Does RLS apply to the table owner? Not by default. The table owner and any superuser bypass RLS unless you run ALTER TABLE ... FORCE ROW LEVEL SECURITY. This is the most common production pitfall: the application connects as a role that owns the table, RLS is enabled but not forced, and policies are silently ignored. Always run the application as a non-owner role with no BYPASSRLS attribute, and add FORCE ROW LEVEL SECURITY if the application role does happen to own the table.

How do I pass the current tenant to an RLS policy? The standard pattern is SET LOCAL app.current_tenant = '...' at the start of every transaction, then reference current_setting('app.current_tenant', true) inside the policy expression. The true second argument makes the function return NULL when the setting is missing rather than raising — which lets you write a policy that fails closed (returns zero rows) when the application forgets to set the context.

Does RLS slow down queries? RLS can be free or expensive depending on how policies are written. A simple tenant_id = current_setting(...) predicate on an indexed column gets pushed into the index scan and adds no measurable cost. Policies that wrap subqueries, call non-STABLE functions, or fail to match the leading column of an index degrade to sequential scans on the protected table. Always run EXPLAIN ANALYZE after enabling RLS and verify that the planner still picks an index.

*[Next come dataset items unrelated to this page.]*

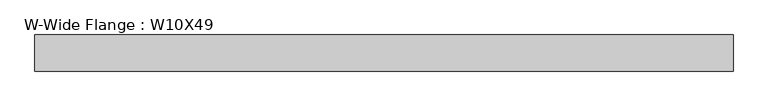
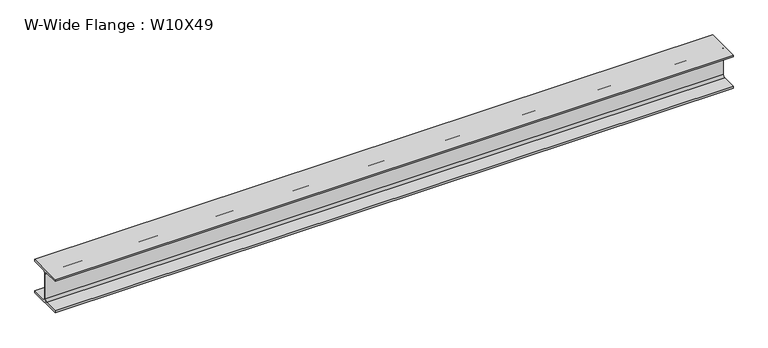
"""IFC4 building model written with IfcOpenShell, lengths in millimetres: beam geometry, W-Wide Flange : W10X49."""

from ifc_helpers import new_model, si_unit, point, frame, frame_2d, origin, place, context, project, spatial, polyline, circle_curve, trimmed, segment, composite_curve, outline, extrude, source, transform, mapped, element, save


def w_wide_flange_w10x49_a7e93ba8(model_context):
    return source(origin(), model_context, "Body", "SweptSolid", [
        extrude(outline(composite_curve([segment(polyline([(127.0, -112.776), (127.0, -127.0), (-127.0, -127.0), (-127.0, -112.776), (-21.844, -112.776)]), True, "CONTINUOUS"), segment(trimmed(circle_curve(frame_2d((-21.844, -95.25)), 17.526), [point((-21.844, -112.776))], [point((-4.318, -95.25))], True, "CARTESIAN"), True, "CONTINUOUS"), segment(polyline([(-4.318, -95.25), (-4.318, 95.25)]), True, "CONTINUOUS"), segment(trimmed(circle_curve(frame_2d((-21.844, 95.25)), 17.526), [point((-4.318, 95.25))], [point((-21.844, 112.776))], True, "CARTESIAN"), True, "CONTINUOUS"), segment(polyline([(-21.844, 112.776), (-127.0, 112.776), (-127.0, 127.0), (127.0, 127.0), (127.0, 112.776), (21.844, 112.776)]), True, "CONTINUOUS"), segment(trimmed(circle_curve(frame_2d((21.844, 95.25)), 17.526), [point((21.844, 112.776))], [point((4.318, 95.25))], True, "CARTESIAN"), True, "CONTINUOUS"), segment(polyline([(4.318, 95.25), (4.318, -95.25)]), True, "CONTINUOUS"), segment(trimmed(circle_curve(frame_2d((21.844, -95.25)), 17.526), [point((4.318, -95.25))], [point((21.844, -112.776))], True, "CARTESIAN"), True, "CONTINUOUS"), segment(polyline([(21.844, -112.776), (127.0, -112.776)]), True, "CONTINUOUS")], self_intersect=False)), frame((-2434.7118235, 0.0, 0.0), z_axis=(1.0, 0.0, 0.0), x_axis=(0.0, 1.0, 0.0)), (0.0, 0.0, 1.0), 4912.4195312),
    ])


if __name__ == "__main__":
    model = new_model("IFC4")
    model_context = context("Model", 3, world=origin())
    ifc_project = project(units=[si_unit("LENGTHUNIT", "METRE", prefix="MILLI")], contexts=[model_context])
    site = spatial("IfcSite", under=ifc_project)
    building = spatial("IfcBuilding", under=site)
    placement = place(None, origin())
    w_wide_flange_w10x49_shape = w_wide_flange_w10x49_a7e93ba8(model_context)
    element("IfcBeam", 1, ObjectType="W-Wide Flange : W10X49", at=placement, inside=building, context=model_context, shape_type="MappedRepresentation", body=[
        mapped(w_wide_flange_w10x49_shape, transform((0.0, 0.0, 0.0), x_axis=(1.0, 0.0, 0.0), y_axis=(0.0, 1.0, 0.0), z_axis=(0.0, 0.0, 1.0))),
    ])
    save(model, "model.ifc")

# Revit data of these elements
# Type "W-Wide Flange : W10X49"
#   Assembly Code = "B10"
#   W = 49
#   Length [instance default] = 1524 mm
#   bf = 254 mm
#   d = 254 mm
#   k = 31.75 mm
#   k2 = 17.526 mm
#   tf = 14.224 mm
#   tw = 8.636 mm
#   A = 0.0092903 m²
#   Structural Material [instance default] = Steel ASTM A992
# Element 1 (IfcBeam, "W-Wide Flange : W10X49")
#   Structural Material = Aluminum, Anodized Red
#   Materials on its faces: "Aluminum, Anodized Red"
# Materials
#   "Steel ASTM A992": class "Metal", colour RGB 128 0 0, transparency 0, Description = "Structural steel 50ksi", Cost = 0
#   "Aluminum, Anodized Red": class "Metal", colour RGB 120 120 120, transparency 0, Description = "Anodized aluminum, red", Cost = 0

Can I bulk-load data into a table with RLS enabled? Yes, but you usually want to bypass RLS for the loader. Either COPY as the table owner (and skip FORCE ROW LEVEL SECURITY), or grant BYPASSRLS to a dedicated loader role and revoke it from the application role. pg_dump and logical replication slots see all rows or no rows depending on which role they run as — make sure your backup role has BYPASSRLS so dumps are complete.

Wrapping up

Postgres RLS is the right primitive for tenant isolation, customer-facing internal tools, and any application where the cost of a forgotten WHERE clause is unacceptable. The mechanics are simple — ALTER TABLE ... ENABLE ROW LEVEL SECURITY, write a policy with USING and WITH CHECK, set a session variable per request — but the surrounding details (role separation, FORCE ROW LEVEL SECURITY, BYPASSRLS, SET LOCAL, index leading columns) are where production deployments succeed or quietly fail.

When you put RLS in, prove it works with two tests: a query as the application role with the wrong tenant context returns zero rows, and EXPLAIN ANALYZE for a normal request still shows an index scan on a tenant-leading index. If both are true, the policy is real; if either fails, the policy is theater. Re-run those checks after every migration that adds a new table with tenant data, because the failure mode is silent.